Title:                     Black Willow

'Iipay Aa Name:  halesii

Habitat:                North America

Description:         Black Willow (Salix gooddingii) is a deciduous shrub or tree that can grow to one hundred feet tall. It is native to Southern California, but also grows throughout the Southwest and into northern Mexico. The tree has many trunks instead of one. Each trunk has many branches with long and skinny leaves three to five inches long. The leaves are shiny green on the top and dull green underneath. The bark is dark brown or black with ridges.

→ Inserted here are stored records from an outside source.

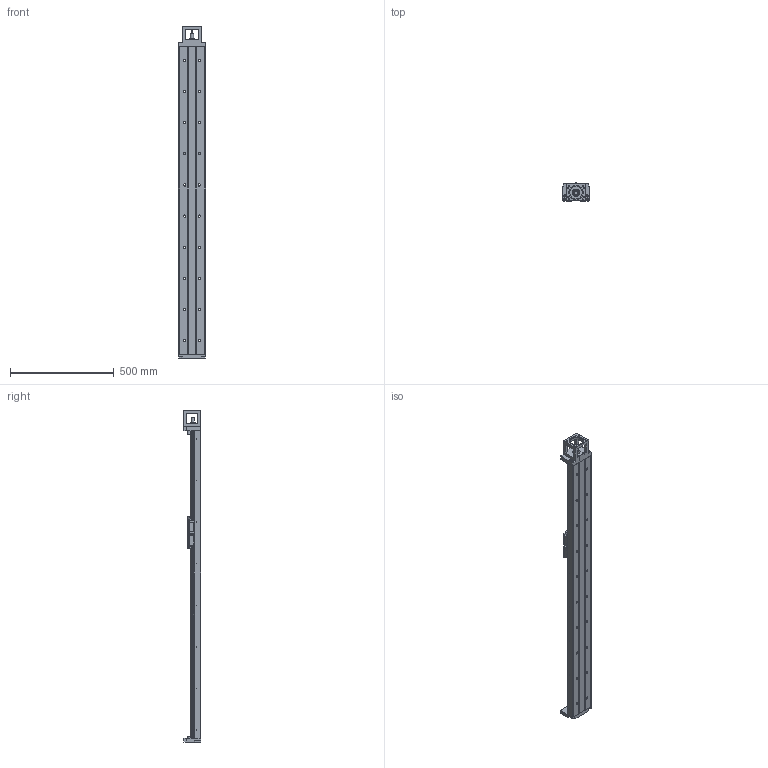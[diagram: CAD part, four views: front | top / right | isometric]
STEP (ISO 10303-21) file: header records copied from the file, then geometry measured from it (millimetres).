
FILE_DESCRIPTION(/* description */ (''),/* implementation_level */ '2;1');
FILE_NAME(/* name */ 'TKK130-1480A1F0.stp',/* time_stamp */ '2016-12-22T09:52:09+08:00',/* author */ (''),/* organization */ (''),/* preprocessor_version */ 'ST-DEVELOPER v15',/* originating_system */ 'SIEMENS PLM Software NX 8.5',/* authorisation */ '');
FILE_SCHEMA (('AUTOMOTIVE_DESIGN { 1 0 10303 214 3 1 1 1 }'));
Length unit declared in the file: millimetre
Products named in the file (3): 02; 01; TKK130-1480A1F0
Assembly tree (2 placements, depth 2):
  TKK130-1480A1F0
    01
    02
Bounding box: 130 x 85 x 1598 mm (x, y, z)
Volume: 5882939 mm3; surface area: 953464.2 mm2
Topology: 2 solids, 35 shells, 1010 faces, 2698 edges, 1766 vertices
Faces by surface type: plane 557, cylinder 297, cone 116, extrusion 33, bspline 6, torus 1
Full cylindrical faces by diameter (mm): 2.1 x16, 2.5 x4, 3.3 x53, 4.5 x16, 5 x23, 6.6 x10, 6.8 x8, 7 x2, 8 x8, 8.5 x4, 9 x8, 11 x24, 12 x4, 15 x1, 16.3 x1, 17 x22, 25 x1, 35 x2, 40 x3, 60.03 x1, 70.03 x1
Entity records: 30193 total; most frequent: CARTESIAN_POINT 6629, DIRECTION 4548, ORIENTED_EDGE 4222, EDGE_CURVE 2111, AXIS2_PLACEMENT_3D 1630, VERTEX_POINT 1599, EDGE_LOOP 1445, VECTOR 1288
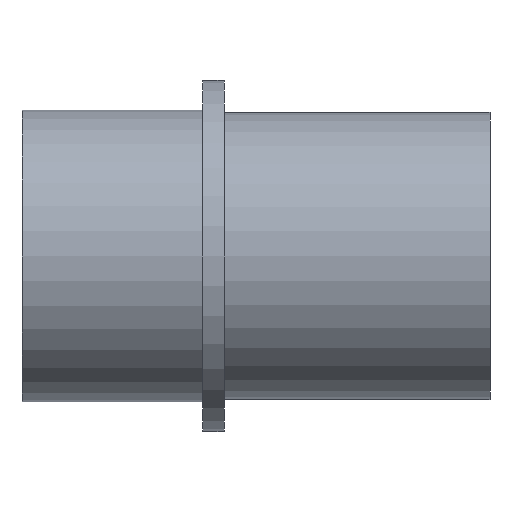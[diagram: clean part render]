
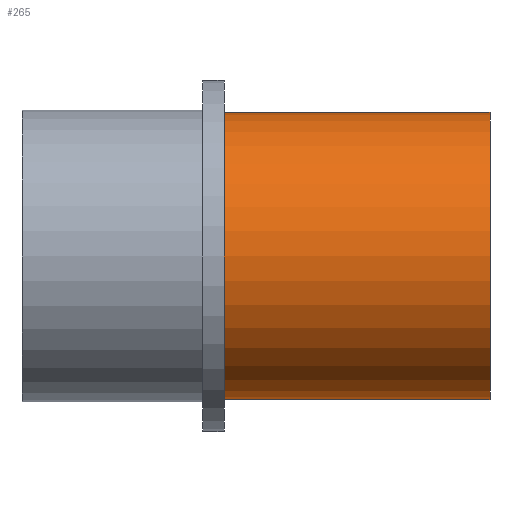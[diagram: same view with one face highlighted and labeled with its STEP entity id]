
A CAD part, front view. The second image highlights one B-rep face of the part: STEP entity #265.
In plain terms, the highlighted cylindrical face has radius 13.5 mm (diameter 27 mm), a full revolution.
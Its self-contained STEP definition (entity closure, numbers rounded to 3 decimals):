
#218 = PLANE('',#219);
#219 = AXIS2_PLACEMENT_3D('',#220,#221,#222);
#220 = CARTESIAN_POINT('',(19.,0.,0.));
#221 = DIRECTION('',(1.,0.,0.));
#222 = DIRECTION('',(-0.,1.,0.));
#237 = EDGE_CURVE('',#238,#238,#240,.T.);
#238 = VERTEX_POINT('',#239);
#239 = CARTESIAN_POINT('',(19.,13.5,0.));
#240 = SURFACE_CURVE('',#241,(#246,#253),.PCURVE_S1.);
#241 = CIRCLE('',#242,13.5);
#242 = AXIS2_PLACEMENT_3D('',#243,#244,#245);
#243 = CARTESIAN_POINT('',(19.,0.,0.));
#244 = DIRECTION('',(1.,0.,0.));
#245 = DIRECTION('',(-0.,1.,0.));
#246 = PCURVE('',#218,#247);
#247 = DEFINITIONAL_REPRESENTATION('',(#248),#252);
#248 = CIRCLE('',#249,13.5);
#249 = AXIS2_PLACEMENT_2D('',#250,#251);
#250 = CARTESIAN_POINT('',(0.,0.));
#251 = DIRECTION('',(1.,0.));
#252 = ( GEOMETRIC_REPRESENTATION_CONTEXT(2) 
PARAMETRIC_REPRESENTATION_CONTEXT() REPRESENTATION_CONTEXT('2D SPACE',''
  ) );
#253 = PCURVE('',#254,#259);
#254 = CYLINDRICAL_SURFACE('',#255,13.5);
#255 = AXIS2_PLACEMENT_3D('',#256,#257,#258);
#256 = CARTESIAN_POINT('',(19.,0.,0.));
#257 = DIRECTION('',(1.,0.,0.));
#258 = DIRECTION('',(-0.,1.,0.));
#259 = DEFINITIONAL_REPRESENTATION('',(#260),#264);
#260 = LINE('',#261,#262);
#261 = CARTESIAN_POINT('',(0.,0.));
#262 = VECTOR('',#263,1.);
#263 = DIRECTION('',(1.,0.));
#264 = ( GEOMETRIC_REPRESENTATION_CONTEXT(2) 
PARAMETRIC_REPRESENTATION_CONTEXT() REPRESENTATION_CONTEXT('2D SPACE',''
  ) );
#265 = ADVANCED_FACE('',(#266),#254,.T.);
#266 = FACE_BOUND('',#267,.T.);
#267 = EDGE_LOOP('',(#268,#269,#292,#319));
#268 = ORIENTED_EDGE('',*,*,#237,.T.);
#269 = ORIENTED_EDGE('',*,*,#270,.T.);
#270 = EDGE_CURVE('',#238,#271,#273,.T.);
#271 = VERTEX_POINT('',#272);
#272 = CARTESIAN_POINT('',(44.,13.5,0.));
#273 = SEAM_CURVE('',#274,(#278,#285),.PCURVE_S1.);
#274 = LINE('',#275,#276);
#275 = CARTESIAN_POINT('',(19.,13.5,0.));
#276 = VECTOR('',#277,1.);
#277 = DIRECTION('',(1.,0.,0.));
#278 = PCURVE('',#254,#279);
#279 = DEFINITIONAL_REPRESENTATION('',(#280),#284);
#280 = LINE('',#281,#282);
#281 = CARTESIAN_POINT('',(0.,0.));
#282 = VECTOR('',#283,1.);
#283 = DIRECTION('',(0.,1.));
#284 = ( GEOMETRIC_REPRESENTATION_CONTEXT(2) 
PARAMETRIC_REPRESENTATION_CONTEXT() REPRESENTATION_CONTEXT('2D SPACE',''
  ) );
#285 = PCURVE('',#254,#286);
#286 = DEFINITIONAL_REPRESENTATION('',(#287),#291);
#287 = LINE('',#288,#289);
#288 = CARTESIAN_POINT('',(6.283,0.));
#289 = VECTOR('',#290,1.);
#290 = DIRECTION('',(0.,1.));
#291 = ( GEOMETRIC_REPRESENTATION_CONTEXT(2) 
PARAMETRIC_REPRESENTATION_CONTEXT() REPRESENTATION_CONTEXT('2D SPACE',''
  ) );
#292 = ORIENTED_EDGE('',*,*,#293,.F.);
#293 = EDGE_CURVE('',#271,#271,#294,.T.);
#294 = SURFACE_CURVE('',#295,(#300,#307),.PCURVE_S1.);
#295 = CIRCLE('',#296,13.5);
#296 = AXIS2_PLACEMENT_3D('',#297,#298,#299);
#297 = CARTESIAN_POINT('',(44.,0.,0.));
#298 = DIRECTION('',(1.,0.,0.));
#299 = DIRECTION('',(-0.,1.,0.));
#300 = PCURVE('',#254,#301);
#301 = DEFINITIONAL_REPRESENTATION('',(#302),#306);
#302 = LINE('',#303,#304);
#303 = CARTESIAN_POINT('',(0.,25.));
#304 = VECTOR('',#305,1.);
#305 = DIRECTION('',(1.,0.));
#306 = ( GEOMETRIC_REPRESENTATION_CONTEXT(2) 
PARAMETRIC_REPRESENTATION_CONTEXT() REPRESENTATION_CONTEXT('2D SPACE',''
  ) );
#307 = PCURVE('',#308,#313);
#308 = PLANE('',#309);
#309 = AXIS2_PLACEMENT_3D('',#310,#311,#312);
#310 = CARTESIAN_POINT('',(44.,0.,0.));
#311 = DIRECTION('',(1.,0.,0.));
#312 = DIRECTION('',(-0.,1.,0.));
#313 = DEFINITIONAL_REPRESENTATION('',(#314),#318);
#314 = CIRCLE('',#315,13.5);
#315 = AXIS2_PLACEMENT_2D('',#316,#317);
#316 = CARTESIAN_POINT('',(0.,0.));
#317 = DIRECTION('',(1.,0.));
#318 = ( GEOMETRIC_REPRESENTATION_CONTEXT(2) 
PARAMETRIC_REPRESENTATION_CONTEXT() REPRESENTATION_CONTEXT('2D SPACE',''
  ) );
#319 = ORIENTED_EDGE('',*,*,#270,.F.);
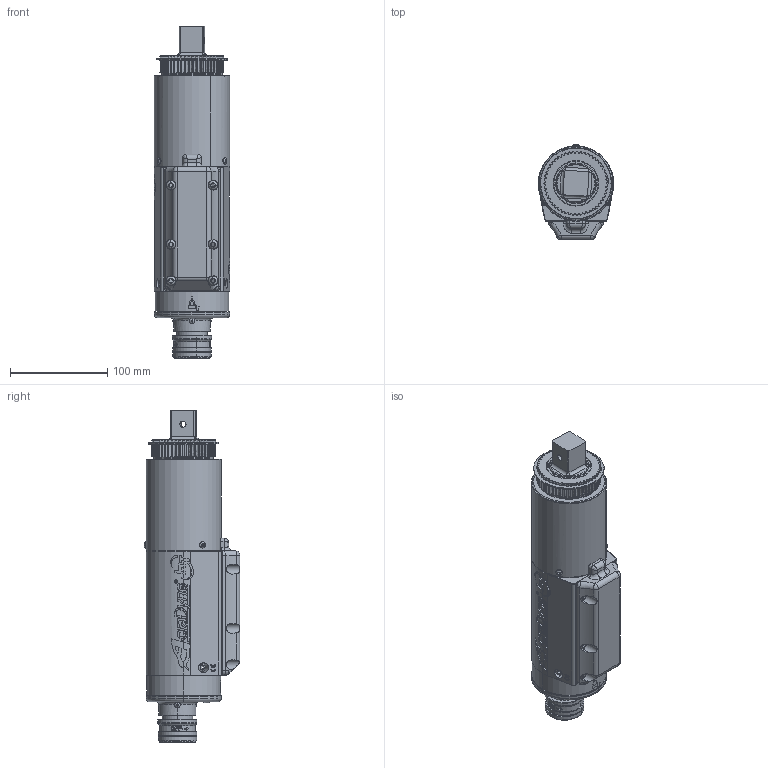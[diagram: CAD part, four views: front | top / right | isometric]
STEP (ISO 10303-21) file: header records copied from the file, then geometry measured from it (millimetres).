
FILE_DESCRIPTION (( 'STEP AP214' ), '1' );
FILE_NAME ('AEF4A771200B.STEP', '2016-04-05T18:00:57', ( 'AIMCO' ), ( '' ), 'SwSTEP 2.0', 'SolidWorks 2016', '' );
FILE_SCHEMA (( 'AUTOMOTIVE_DESIGN' ));
Length unit declared in the file: inch
Products named in the file (1): AEF4A771200B
Bounding box: 77.47 x 98.5 x 342.25 mm (x, y, z)
Surface area: 151073.4 mm2 (no closed solid volume)
Topology: 0 solids, 72 shells, 1136 faces, 4403 edges, 3151 vertices
Faces by surface type: cylinder 380, plane 358, bspline 162, torus 125, cone 99, sphere 12
Entity records: 114198 total; most frequent: CARTESIAN_POINT 66237, ORIENTED_EDGE 6896, DIRECTION 5969, EDGE_CURVE 4397, VERTEX_POINT 3151, AXIS2_PLACEMENT_3D 2149, LINE 1671, VECTOR 1671
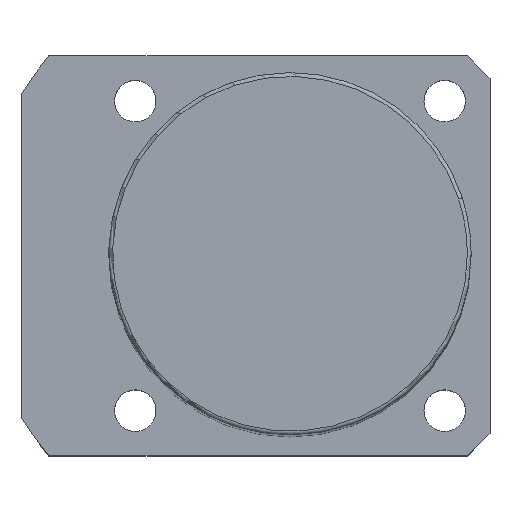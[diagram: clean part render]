
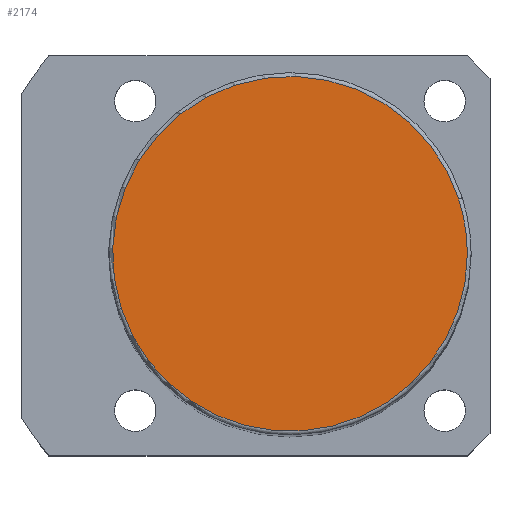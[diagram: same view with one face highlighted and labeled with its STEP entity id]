
A CAD part, top view. The second image highlights one B-rep face of the part: STEP entity #2174.
In plain terms, the highlighted planar face has unit normal (0, 0, 1).
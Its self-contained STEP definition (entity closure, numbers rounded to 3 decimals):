
#2107=CARTESIAN_POINT('',(22.35,7.262,169.0));
#2108=VERTEX_POINT('',#2107);
#2126=CARTESIAN_POINT('',(-22.35,-7.262,169.0));
#2127=VERTEX_POINT('',#2126);
#2135=CARTESIAN_POINT('',(0.0,0.0,169.0));
#2136=DIRECTION('',(0.0,0.0,1.0));
#2137=DIRECTION('',(1.0,0.0,0.0));
#2138=AXIS2_PLACEMENT_3D('',#2135,#2136,#2137);
#2139=CIRCLE('',#2138,23.5);
#2140=EDGE_CURVE('no 2139',#2108,#2127,#2139,.T.);
#2150=CARTESIAN_POINT('',(23.5,0.0,169.0));
#2151=VERTEX_POINT('',#2150);
#2152=CARTESIAN_POINT('',(0.0,0.0,169.0));
#2153=DIRECTION('',(0.0,0.0,1.0));
#2154=DIRECTION('',(1.0,0.0,0.0));
#2155=AXIS2_PLACEMENT_3D('',#2152,#2153,#2154);
#2156=CIRCLE('',#2155,23.5);
#2157=EDGE_CURVE('no 2148',#2151,#2108,#2156,.T.);
#2158=ORIENTED_EDGE('',*,*,#2157,.T.);
#2159=ORIENTED_EDGE('',*,*,#2140,.T.);
#2160=CARTESIAN_POINT('',(0.0,0.0,169.0));
#2161=DIRECTION('',(0.0,0.0,1.0));
#2162=DIRECTION('',(1.0,0.0,0.0));
#2163=AXIS2_PLACEMENT_3D('',#2160,#2161,#2162);
#2164=CIRCLE('',#2163,23.5);
#2165=EDGE_CURVE('no 2154',#2127,#2151,#2164,.T.);
#2166=ORIENTED_EDGE('',*,*,#2165,.T.);
#2167=EDGE_LOOP('',(#2158,#2159,#2166));
#2168=FACE_OUTER_BOUND('',#2167,.T.);
#2169=CARTESIAN_POINT('',(0.0,0.0,169.0));
#2170=DIRECTION('',(0.0,0.0,1.0));
#2171=DIRECTION('',(1.0,0.0,0.0));
#2172=AXIS2_PLACEMENT_3D('',#2169,#2170,#2171);
#2173=PLANE('',#2172);
#2174=ADVANCED_FACE('no 2141',(#2168),#2173,.T.);
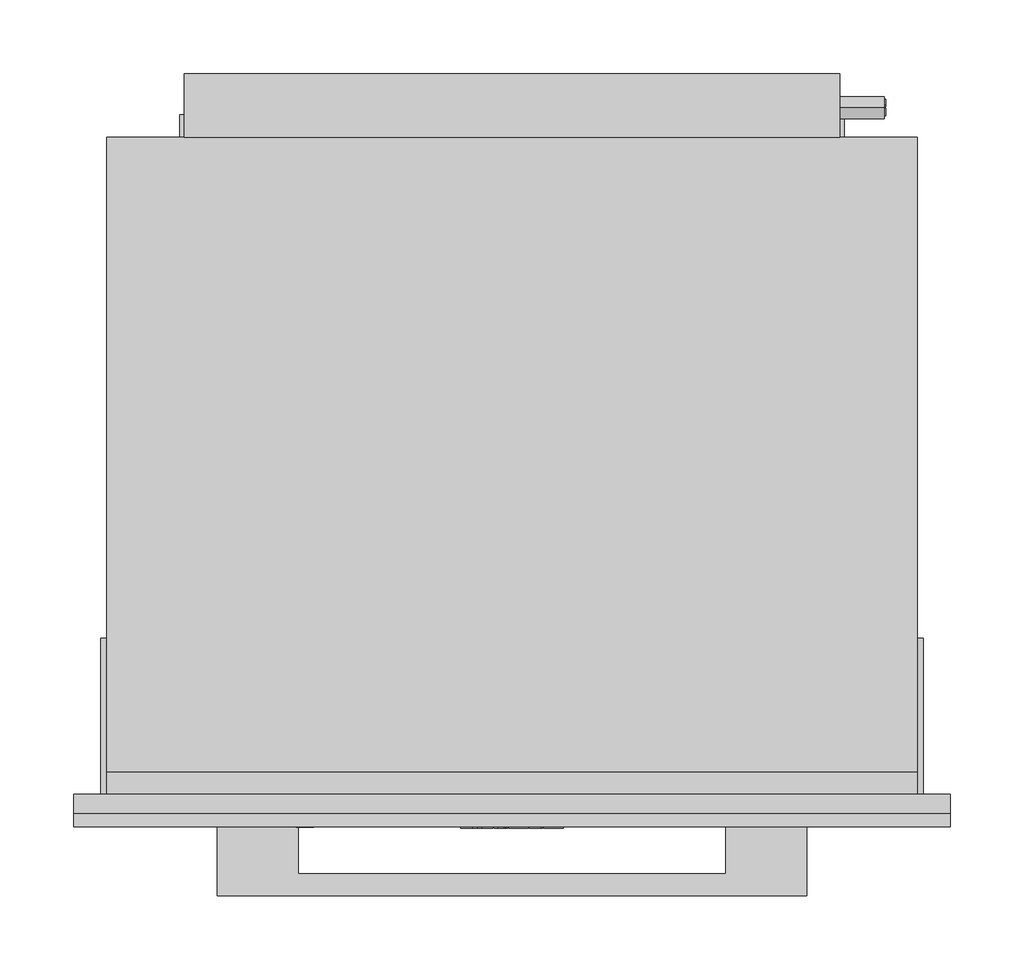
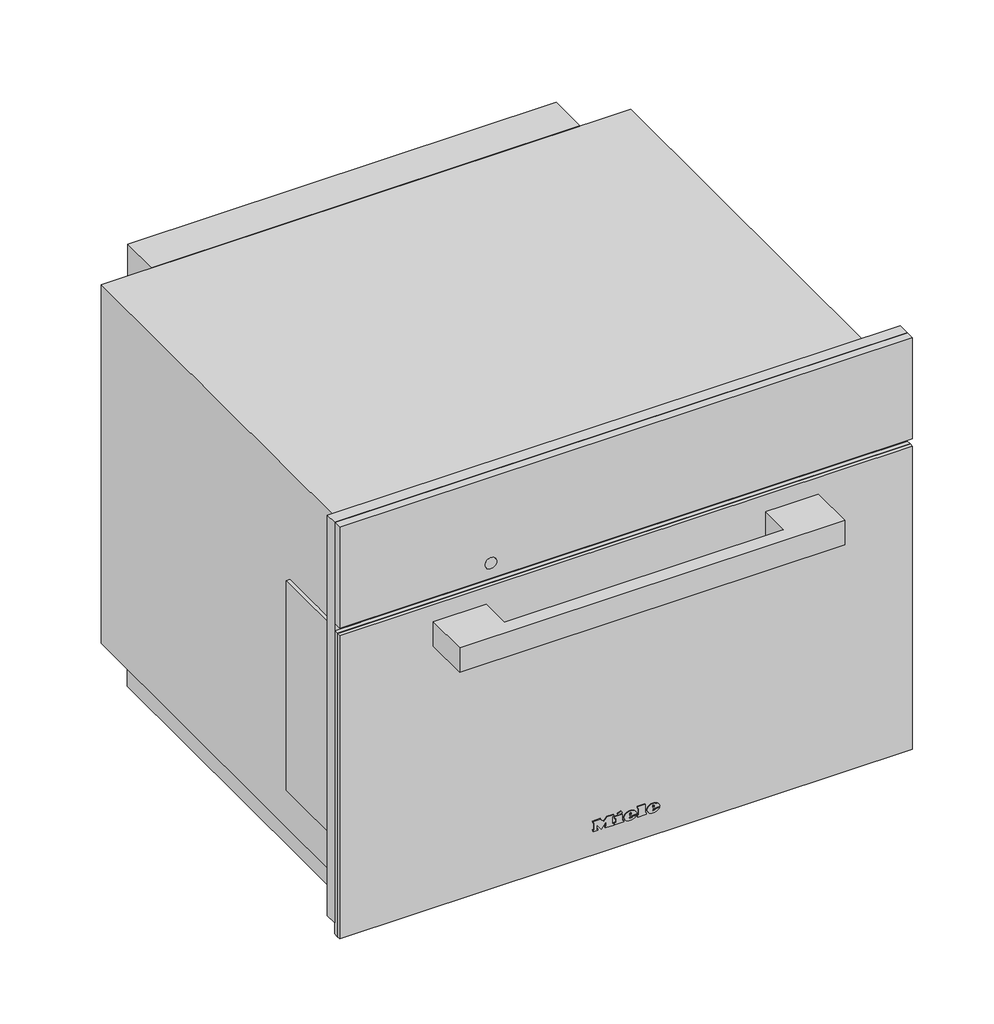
# Not in any storey: 1 proxy.
"""IFC4 building model written with IfcOpenShell, lengths in millimetres."""

import ifcopenshell
import ifcopenshell.guid

model = None  # the IFC model being written
_history = None  # IfcOwnerHistory: only IFC2X3 demands one
_inside = {}  # id of a spatial element -> (the spatial element, [elements in it])
_under = {}  # id of a project, library or spatial element -> (it, [spatial elements below it])
_declared = {}  # id of a project -> (the project, [libraries it declares])
_typed = {}  # id of a type object -> (the type object, [elements of that type])
_made_of = {}  # id of a material, layer set ... -> (it, [elements and type objects made of it])


def new_model(schema):
    """Start an empty IFC model of exactly this schema.

    Asked for "IFC4X3", IfcOpenShell would pick the latest addendum, in which some entities
    have other attributes; the version numbers below select the first issue.
    IFC2X3 requires an IfcOwnerHistory on every rooted entity: one is made here for all.
    """
    global model, _history
    if schema == "IFC4X3":
        model = ifcopenshell.file(schema_version=(4, 3, 0, 0))
    else:
        model = ifcopenshell.file(schema=schema)
    _inside.clear()
    _under.clear()
    _declared.clear()
    _typed.clear()
    _made_of.clear()
    _history = None
    if model.schema == "IFC2X3":
        org = make("IfcOrganization", Name="unknown")
        user = make(
            "IfcPersonAndOrganization",
            ThePerson=make("IfcPerson", FamilyName="unknown"),
            TheOrganization=org,
        )
        app = make(
            "IfcApplication",
            ApplicationDeveloper=org,
            Version="unknown",
            ApplicationFullName="unknown",
            ApplicationIdentifier="unknown",
        )
        _history = make(
            "IfcOwnerHistory",
            OwningUser=user,
            OwningApplication=app,
            ChangeAction="ADDED",
            CreationDate=0,
        )
    return model


def make(cls, **values):
    """One entity of the class cls with the attributes given. An attribute that is None is left unset."""
    return model.create_entity(
        cls, **{name: value for name, value in values.items() if value is not None}
    )


def rooted(cls, **values):
    """An entity with a GlobalId (a new one), such as an element, a storey or a relation."""
    return make(cls, GlobalId=ifcopenshell.guid.new(), OwnerHistory=_history, **values)


def si_unit(unit_type, name, prefix=None):
    """IfcSIUnit, for example si_unit("LENGTHUNIT", "METRE", prefix="MILLI")."""
    return make("IfcSIUnit", UnitType=unit_type, Prefix=prefix, Name=name)


def assignment(units):
    """IfcUnitAssignment: the units of a project."""
    return None if units is None else make("IfcUnitAssignment", Units=units)


def point(xyz):
    """IfcCartesianPoint."""
    return None if xyz is None else make("IfcCartesianPoint", Coordinates=xyz)


def direction(xyz):
    """IfcDirection."""
    return None if xyz is None else make("IfcDirection", DirectionRatios=xyz)


def frame(location, z_axis=None, x_axis=None):
    """IfcAxis2Placement3D, a coordinate frame: its origin and axes. An axis left out is left unset."""
    return make(
        "IfcAxis2Placement3D",
        Location=point(location),
        Axis=direction(z_axis),
        RefDirection=direction(x_axis),
    )


def frame_2d(location, x_axis=None):
    """IfcAxis2Placement2D, a coordinate frame in the plane: its origin and x axis."""
    return make(
        "IfcAxis2Placement2D", Location=point(location), RefDirection=direction(x_axis)
    )


def origin():
    """The frame at (0, 0, 0) with its axes left unset."""
    return frame((0.0, 0.0, 0.0))


def origin_with_axes():
    """The frame at (0, 0, 0) with the z axis (0, 0, 1) and the x axis (1, 0, 0) written out."""
    return frame((0.0, 0.0, 0.0), z_axis=(0.0, 0.0, 1.0), x_axis=(1.0, 0.0, 0.0))


def place(relative_to, where):
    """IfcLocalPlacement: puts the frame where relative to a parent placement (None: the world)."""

The Black Willow has yellow flowers one to three inches long called catkins. Its fruit is a small reddish—brown capsule with tiny, hairy green seeds inside. The leaves and the bark were used for pain medicine. According to the research of Elizabeth Windsong the plant could be used on burns, ingested as a tea, made into a chorcoal poultice, used to tan hides, and has tannic acid. Its 'Iipay Aa name is halesii.

Dimensions:        H—12.7 W—20.32 cm

Kingdom:             Plantae (Plants)

Phylum:                Anthophyta (Flowering Plants)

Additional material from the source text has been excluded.